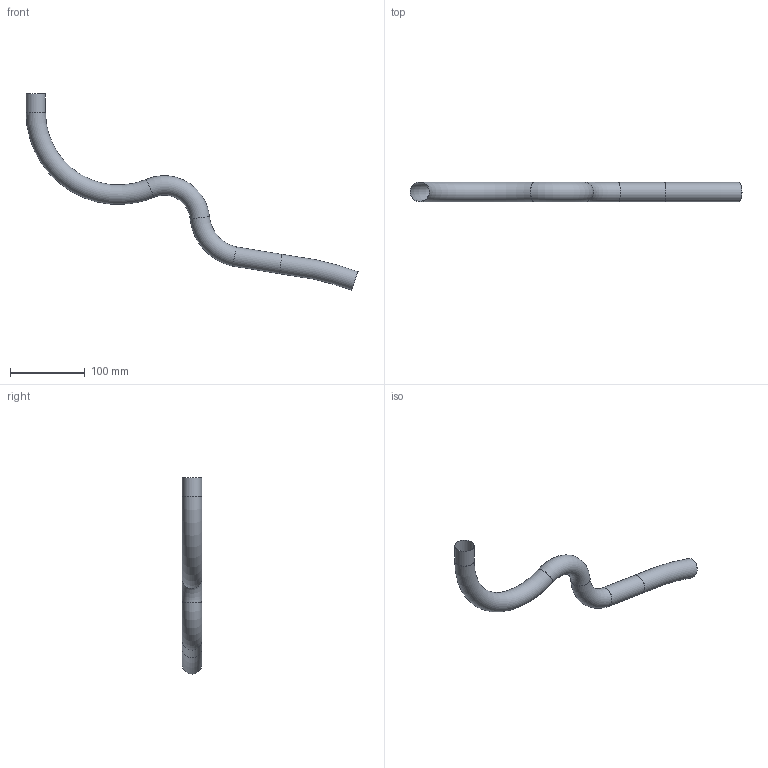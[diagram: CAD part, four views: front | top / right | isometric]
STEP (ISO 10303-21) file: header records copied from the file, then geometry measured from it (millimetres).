
FILE_DESCRIPTION(/* description */ (''),/* implementation_level */ '2;1');
FILE_NAME(/* name */ 'C:\Users\user\Documents\Inventor\Home Ventilator CPAP\hose for mask.stp',/* time_stamp */ '2020-03-29T22:39:19+02:00',/* author */ ('user'),/* organization */ (''),/* preprocessor_version */ 'ST-DEVELOPER v16.5',/* originating_system */ 'Autodesk Inventor 2017',/* authorisation */ '');
FILE_SCHEMA (('AUTOMOTIVE_DESIGN { 1 0 10303 214 3 1 1 }'));
Length unit declared in the file: millimetre
Products named in the file (1): hose for mask
Bounding box: 443.1 x 26 x 261.71 mm (x, y, z)
Volume: 13781.4 mm3; surface area: 91924.7 mm2
Topology: 1 solids, 1 shells, 14 faces, 26 edges, 14 vertices
Faces by surface type: torus 10, cylinder 2, plane 2
Full cylindrical faces by diameter (mm): 25.4 x1, 26 x1
Entity records: 339 total; most frequent: DIRECTION 58, CARTESIAN_POINT 43, AXIS2_PLACEMENT_3D 29, EDGE_LOOP 28, ORIENTED_EDGE 28, STYLED_ITEM 15, FACE_BOUND 14, FACE_OUTER_BOUND 14

——————

Everything above except the pictures must be restated exactly.

[diagram: CAD part, four views: front | top / right | isometric]
STEP (ISO 10303-21) file: header records copied from the file, then geometry measured from it (millimetres).
FILE_DESCRIPTION(/* description */ (''),/* implementation_level */ '2;1');
FILE_NAME(/* name */ 'C:\Users\user\Documents\Inventor\Home Ventilator CPAP\hose for mask.stp',/* time_stamp */ '2020-03-29T22:39:19+02:00',/* author */ ('user'),/* organization */ (''),/* preprocessor_version */ 'ST-DEVELOPER v16.5',/* originating_system */ 'Autodesk Inventor 2017',/* authorisation */ '');
FILE_SCHEMA (('AUTOMOTIVE_DESIGN { 1 0 10303 214 3 1 1 }'));
Length unit declared in the file: millimetre
Products named in the file (1): hose for mask
Bounding box: 443.1 x 26 x 261.71 mm (x, y, z)
Volume: 13781.4 mm3; surface area: 91924.7 mm2
Topology: 1 solids, 1 shells, 14 faces, 26 edges, 14 vertices
Faces by surface type: torus 10, cylinder 2, plane 2
Full cylindrical faces by diameter (mm): 25.4 x1, 26 x1
Entity records: 339 total; most frequent: DIRECTION 58, CARTESIAN_POINT 43, AXIS2_PLACEMENT_3D 29, EDGE_LOOP 28, ORIENTED_EDGE 28, STYLED_ITEM 15, FACE_BOUND 14, FACE_OUTER_BOUND 14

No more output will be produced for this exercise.